Israel’s Declaration of Independence announced the creation of “A Jewish state in Eretz-Israel,” and added,

The State of Israel will be open for Jewish immigration and for the Ingathering of the Exiles; it will foster the development of the country for the benefit of all its inhabitants; it will be based on freedom, justice and peace as envisaged by the prophets of Israel; it will ensure complete equality of social and political rights to all its inhabitants irrespective of religion, race or sex; it will guarantee freedom of religion, conscience, language, education and culture; it will safeguard the Holy Places of all religions; and it will be faithful to the principles of the Charter of the United Nations.

These principles are generally referred to by saying that Israel is a Jewish and democratic state. The democratic part is further explicated by several Basic Laws including those that describe the details of Israel’s political democracy, and which guarantee individual rights, liberty, and dignity.

(That isn’t to say that the state always lives up to these commitments. For example, two recent serious lapses have been the treatment of the young suspects in the Duma arson/murder case, who were subjected to “enhanced interrogation techniques,” and the persistent leakage of transcripts from the police investigations of PM Netanyahu and Sara Netanyahu, both of which appear to violate the Basic Law: Human Dignity and Liberty).

Basic Laws serve the function of a constitution in Israel, and because they serve as touchstones for court decisions (especially the Supreme Court), have great influence. The Basic Law: Human Dignity and Liberty is especially frequently cited by the Supreme Court.

The concept of the state’s Jewishness, however, is not elucidated any further by existing Basic Laws. Many Israelis (I among them) feel that there is an imbalance in the Basic Laws, such that the Jewish nature of the state is often in practice subordinated to its democratic nature. This feeling could be expressed by saying that there is more to a Jewish state than just a Jewish majority. Or, to put it another way, a Jewish majority is a necessary but not sufficient condition for a Jewish state. This is addressed by the attempt to pass a new Basic Law: Israel as the Nation-State of the Jewish People.
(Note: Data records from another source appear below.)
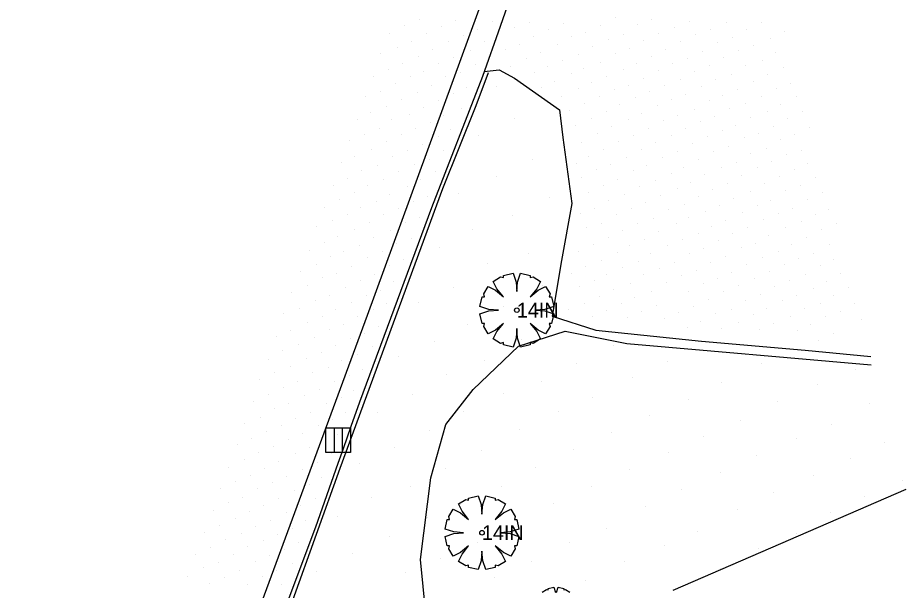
# Model space of a CAD drawing. Extents: x 1729983 to 1730242, y 468641 to 469019.
# Drawn here: x 1730133.1 to 1730241.6, y 468879.2 to 468949.2 of the extents above; entities that cross this region are included whole.
import ezdxf

# ---------------------------------------------------------------- set-up
doc = ezdxf.new("R2010")
doc.units = 0
for name, color, linetype in [('Default', 7, 'Continuous'), ('S_Curb_Type_1', 7, 'Continuous'), ('S_Drainage_CB', 7, 'Continuous'), ('S_Fencing_ChainLink', 7, 'Continuous'), ('S_Ground_SpotElevation', 7, 'Continuous'), ('S_Roadway_Drive_Paved', 7, 'Continuous'), ('S_Roadway_Edge_Pavement', 7, 'Continuous'), ('S_Roadway_Painted_Lines', 7, 'Continuous'), ('S_Text', 7, 'Continuous'), ('S_Trees_Bush_Line', 7, 'Continuous'), ('S_Trees_Decid_NonPay', 7, 'Continuous'), ('S_Trees_Decid_Pay', 7, 'Continuous')]:
    doc.layers.add(name, color=color, linetype=linetype)

# ---------------------------------------------------------------- blocks, each defined once
blk = doc.blocks.new('POINT_DISPLAY')
at = {"layer": 'Default'}
blk.add_line((0, 0), (0, 0), dxfattribs=at)

msp = doc.modelspace()

# ---------------------------------------------------------------- linework, layer by layer
at = {"layer": 'S_Curb_Type_1'}
msp.add_lwpolyline([(1730166.7, 468878.04), (1730172.48, 468894.17), (1730178.99, 468911.93), (1730185.01, 468928.36), (1730189.07, 468938.51), (1730190.59, 468942.51)], dxfattribs=at)
at = {"layer": 'S_Drainage_CB'}
for p, q in [((1730171.73, 468899.1), (1730171.73, 468896.1)), ((1730172.73, 468899.1), (1730172.73, 468896.1))]:
    msp.add_line(p, q, dxfattribs=at)
msp.add_lwpolyline([(1730170.73, 468899.1), (1730173.73, 468899.1), (1730173.73, 468896.1), (1730170.73, 468896.1)], close=True, dxfattribs=at)
at = {"layer": 'S_Fencing_ChainLink'}
msp.add_line((1730213.16, 468879.27), (1730241.65, 468891.6), dxfattribs=at)
at = {"layer": 'S_Roadway_Drive_Paved'}
msp.add_lwpolyline([(1730190.08, 468942.66), (1730191.89, 468942.87), (1730193.76, 468941.82), (1730199.29, 468937.96), (1730199.68, 468934.57), (1730200.79, 468926.52), (1730199.5, 468919.56), (1730198.39, 468912.74), (1730203.72, 468911.04), (1730216.64, 468909.68), (1730229.29, 468908.57), (1730237.33, 468907.81)], dxfattribs=at)
at = {"layer": 'S_Roadway_Edge_Pavement'}
msp.add_lwpolyline([(1730202.63, 468977.5), (1730198.74, 468966.66), (1730194.38, 468954.96), (1730192.03, 468948.15), (1730189.86, 468942.05), (1730183.64, 468926), (1730174.83, 468902.22), (1730173.78, 468899.25), (1730172.82, 468896.55), (1730172.2, 468894.75), (1730169.44, 468886.97), (1730164.5, 468873.71)], dxfattribs=at)
at = {"layer": 'S_Roadway_Painted_Lines'}
msp.add_lwpolyline([(1730094.8, 468656.26), (1730095.17, 468660.96), (1730096.08, 468669.98), (1730097.64, 468680.77), (1730099.58, 468691.95), (1730101.13, 468699.69), (1730104.77, 468714.07), (1730108.65, 468727.01), (1730112.54, 468738.83), (1730119.79, 468759.43), (1730137.2, 468807.81), (1730148.9, 468839.72), (1730160.49, 468871.27), (1730175.8, 468912.85), (1730190.41, 468952.88), (1730200.04, 468978.35)], dxfattribs=at)
at = {"layer": 'S_Trees_Bush_Line'}
msp.add_lwpolyline([(1730184.47, 468866.09), (1730183.27, 468873.09), (1730182.28, 468883.02), (1730183.53, 468892.98), (1730185.39, 468899.51), (1730188.73, 468903.8), (1730194.28, 468909.06), (1730199.95, 468910.92), (1730207.49, 468909.42), (1730237.35, 468906.81)], dxfattribs=at)
at = {"layer": 'S_Trees_Decid_NonPay'}
for points in [[(1730197.16, 468879.02), (1730197.69, 468879.34), (1730197.9, 468879.29), (1730197.9, 468879.45), (1730198.59, 468879.61), (1730198.8, 468878.97)], [(1730198.91, 468878.97), (1730199.12, 468879.61), (1730199.81, 468879.45), (1730199.81, 468879.29), (1730200.02, 468879.34), (1730200.55, 468879.02)]]:
    msp.add_lwpolyline(points, dxfattribs=at)
at = {"layer": 'S_Trees_Decid_Pay'}
for points in [[(1730191.81, 468913.48), (1730190.64, 468913.57), (1730189.55, 468913.93), (1730189.82, 468915.11), (1730190.1, 468915.11), (1730190.01, 468915.47), (1730190.55, 468916.37), (1730191.45, 468915.92), (1730192.44, 468915.11), (1730191.63, 468916.1), (1730191.18, 468917), (1730192.08, 468917.54), (1730192.44, 468917.45), (1730192.44, 468917.72), (1730193.61, 468918), (1730193.97, 468916.91), (1730194.06, 468915.74), (1730194.16, 468916.91), (1730194.52, 468918), (1730195.69, 468917.72), (1730195.69, 468917.45), (1730196.05, 468917.54), (1730196.95, 468917), (1730196.5, 468916.1), (1730195.69, 468915.11), (1730196.68, 468915.92), (1730197.58, 468916.37), (1730198.12, 468915.47), (1730198.03, 468915.11), (1730198.31, 468915.11), (1730198.58, 468913.93), (1730197.49, 468913.57), (1730196.32, 468913.48), (1730197.49, 468913.39), (1730198.58, 468913.03), (1730198.31, 468911.86), (1730198.03, 468911.86), (1730198.12, 468911.5), (1730197.58, 468910.6), (1730196.68, 468911.05), (1730195.69, 468911.86), (1730196.5, 468910.87), (1730196.95, 468909.97), (1730196.05, 468909.42), (1730195.69, 468909.51), (1730195.69, 468909.24), (1730194.52, 468908.97), (1730194.16, 468910.06), (1730194.06, 468911.23), (1730193.97, 468910.06), (1730193.61, 468908.97), (1730192.44, 468909.24), (1730192.44, 468909.51), (1730192.08, 468909.42), (1730191.18, 468909.97), (1730191.63, 468910.87), (1730192.44, 468911.86), (1730191.45, 468911.05), (1730190.55, 468910.6), (1730190.01, 468911.5), (1730190.1, 468911.86), (1730189.82, 468911.86), (1730189.55, 468913.03), (1730190.64, 468913.39), (1730191.81, 468913.48)], [(1730187.54, 468886.28), (1730186.37, 468886.37), (1730185.28, 468886.73), (1730185.56, 468887.91), (1730185.83, 468887.91), (1730185.74, 468888.27), (1730186.28, 468889.17), (1730187.18, 468888.72), (1730188.17, 468887.91), (1730187.36, 468888.9), (1730186.91, 468889.8), (1730187.81, 468890.34), (1730188.17, 468890.25), (1730188.17, 468890.52), (1730189.34, 468890.8), (1730189.71, 468889.71), (1730189.8, 468888.54), (1730189.89, 468889.71), (1730190.25, 468890.8), (1730191.42, 468890.52), (1730191.42, 468890.25), (1730191.78, 468890.34), (1730192.68, 468889.8), (1730192.23, 468888.9), (1730191.42, 468887.91), (1730192.41, 468888.72), (1730193.32, 468889.17), (1730193.86, 468888.27), (1730193.77, 468887.91), (1730194.04, 468887.91), (1730194.31, 468886.73), (1730193.23, 468886.37), (1730192.05, 468886.28), (1730193.23, 468886.19), (1730194.31, 468885.83), (1730194.04, 468884.66), (1730193.77, 468884.66), (1730193.86, 468884.3), (1730193.32, 468883.4), (1730192.41, 468883.85), (1730191.42, 468884.66), (1730192.23, 468883.67), (1730192.68, 468882.77), (1730191.78, 468882.22), (1730191.42, 468882.31), (1730191.42, 468882.04), (1730190.25, 468881.77), (1730189.89, 468882.86), (1730189.8, 468884.03), (1730189.71, 468882.86), (1730189.34, 468881.77), (1730188.17, 468882.04), (1730188.17, 468882.31), (1730187.81, 468882.22), (1730186.91, 468882.77), (1730187.36, 468883.67), (1730188.17, 468884.66), (1730187.18, 468883.85), (1730186.28, 468883.4), (1730185.74, 468884.3), (1730185.83, 468884.66), (1730185.56, 468884.66), (1730185.28, 468885.83), (1730186.37, 468886.19), (1730187.54, 468886.28)]]:
    msp.add_lwpolyline(points, dxfattribs=at)
for centre in [(1730194.06, 468913.48), (1730189.8, 468886.28)]:
    msp.add_circle(centre, 0.283, dxfattribs=at)

# ---------------------------------------------------------------- block references
at = {"layer": 'S_Ground_SpotElevation'}
for p in [(1730180.32, 468948.21), (1730182.17, 468948.97), (1730186.61, 468948.84), (1730191.05, 468948.8), (1730195.6, 468948.64), (1730199.78, 468948.56), (1730204.25, 468948.33), (1730206.06, 468949.19), (1730208.76, 468948.37), (1730210.5, 468949.03), (1730215.13, 468948.78), (1730219.62, 468948.6), (1730223.95, 468948.63), (1730178.44, 468947.25), (1730183.07, 468947.27), (1730184.9, 468948.11), (1730189.22, 468947.78), (1730193.74, 468947.98), (1730197.98, 468947.81), (1730202.51, 468947.45), (1730207.06, 468947.18), (1730211.36, 468947.34), (1730213.3, 468948.04), (1730215.88, 468947.22), (1730217.72, 468947.8), (1730222.18, 468947.8), (1730226.76, 468947.52), (1730181.13, 468946.34), (1730185.72, 468946.31), (1730187.51, 468947.01), (1730190.07, 468946.29), (1730191.71, 468947), (1730194.36, 468945.98), (1730196.13, 468946.9), (1730199.04, 468945.98), (1730200.75, 468946.87), (1730205.2, 468946.56), (1730209.51, 468946.38), (1730214.03, 468946.34), (1730218.61, 468946.21), (1730220.38, 468946.83), (1730225, 468946.64), (1730177.38, 468944.89), (1730179.42, 468945.63), (1730183.74, 468945.28), (1730188.34, 468945.21), (1730192.69, 468945.29), (1730197.01, 468944.93), (1730203.34, 468945.76), (1730206.16, 468944.88), (1730207.79, 468945.49), (1730212.18, 468945.38), (1730216.79, 468945.08), (1730221.2, 468945.25), (1730222.93, 468945.87), (1730225.7, 468944.97), (1730182, 468944.47), (1730186.34, 468944.41), (1730190.71, 468944.28), (1730195.28, 468944.22), (1730199.59, 468944.04), (1730201.56, 468944.7), (1730210.51, 468944.47), (1730214.94, 468944.28), (1730219.32, 468944.35), (1730224.05, 468944.05), (1730178.39, 468942.88), (1730180.09, 468943.67), (1730184.54, 468943.67), (1730189.02, 468943.47), (1730193.31, 468943.29), (1730197.79, 468943.24), (1730202.25, 468943.06), (1730204.26, 468943.69), (1730207.04, 468942.88), (1730208.63, 468943.65), (1730211.32, 468942.79), (1730213.09, 468943.6), (1730217.55, 468943.33), (1730222.02, 468943.43), (1730226.6, 468943.1), (1730176.57, 468942.06), (1730181.11, 468942), (1730182.69, 468942.66), (1730185.38, 468941.98), (1730187.19, 468942.53), (1730196.21, 468942.48), (1730200.69, 468942.38), (1730204.96, 468942), (1730209.48, 468941.77), (1730214.1, 468941.69), (1730215.73, 468942.67), (1730218.33, 468941.71), (1730220.27, 468942.34), (1730224.67, 468942.29), (1730179.28, 468941.2), (1730183.59, 468940.91), (1730187.94, 468940.73), (1730191.59, 468940.86), (1730197.05, 468940.73), (1730198.69, 468941.41), (1730201.58, 468940.53), (1730203.23, 468941.32), (1730207.7, 468940.91), (1730212.09, 468940.9), (1730216.59, 468940.83), (1730222.96, 468941.41), (1730225.77, 468940.62), (1730227.45, 468941.21), (1730175.54, 468939.55), (1730177.43, 468940.2), (1730181.93, 468940.05), (1730186.32, 468939.94), (1730199.48, 468939.61), (1730204.12, 468939.61), (1730206, 468940.41), (1730210.23, 468940.2), (1730214.7, 468939.89), (1730219.18, 468939.69), (1730221.03, 468940.5), (1730223.92, 468939.56), (1730228.18, 468939.6), (1730178.16, 468938.4), (1730180.01, 468939.21), (1730184.47, 468939.12), (1730202.28, 468938.71), (1730206.66, 468938.57), (1730208.57, 468939.43), (1730211.28, 468938.45), (1730212.92, 468939.19), (1730217.6, 468939.05), (1730221.95, 468938.74), (1730226.27, 468938.62), (1730176.22, 468937.59), (1730180.91, 468937.37), (1730182.63, 468938.23), (1730185.12, 468937.31), (1730187.24, 468938.12), (1730200.5, 468937.92), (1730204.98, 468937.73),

The reason the bill is so controversial – despite the present version being highly watered down – is that there are competing visions of what the State of Israel should be. One view, which is preferred by Arab citizens and the Jewish Left, is that it should be a liberal democracy, period. Many Arabs would also like to see ethnically-neutral national symbols. Some would even prefer a binational state, with the Arab minority given a veto power over laws passed by the Knesset, a Law of Return for Arabs, and more (theHaifa Declaration of a committee of Israeli Arab academics is an extreme example).

As long as there is a Jewish majority, that isn’t likely to happen. But there is also a view that the Jewishness of the state is simply a function of its Jewish majority, and the only special benefit provided to Jews is the Law of Return. The Jewish character of the state, by this view, comes from the fact that Jews are in the majority and will naturally determine the symbols, holidays, language, and culture of the state.

Finally there is the position, reflected by those that favor the passage of a nation-state law, that Israel should explicitly define herself as a Jewish state. Having basic principles anchored in law could be practically important. For example, the current version of the nation-state bill in the Knesset includes the statement that “The State will act to ingather the exiles of Israel and to promote Jewish settlement in its territory and it shall allocate resources for these purposes.” In a case involving a conflict between claims of individual property rights and a settlement in Judea/Samaria, the courts would have to give weight to the need to promote Jewish settlement, and perhaps find a solution short of demolition.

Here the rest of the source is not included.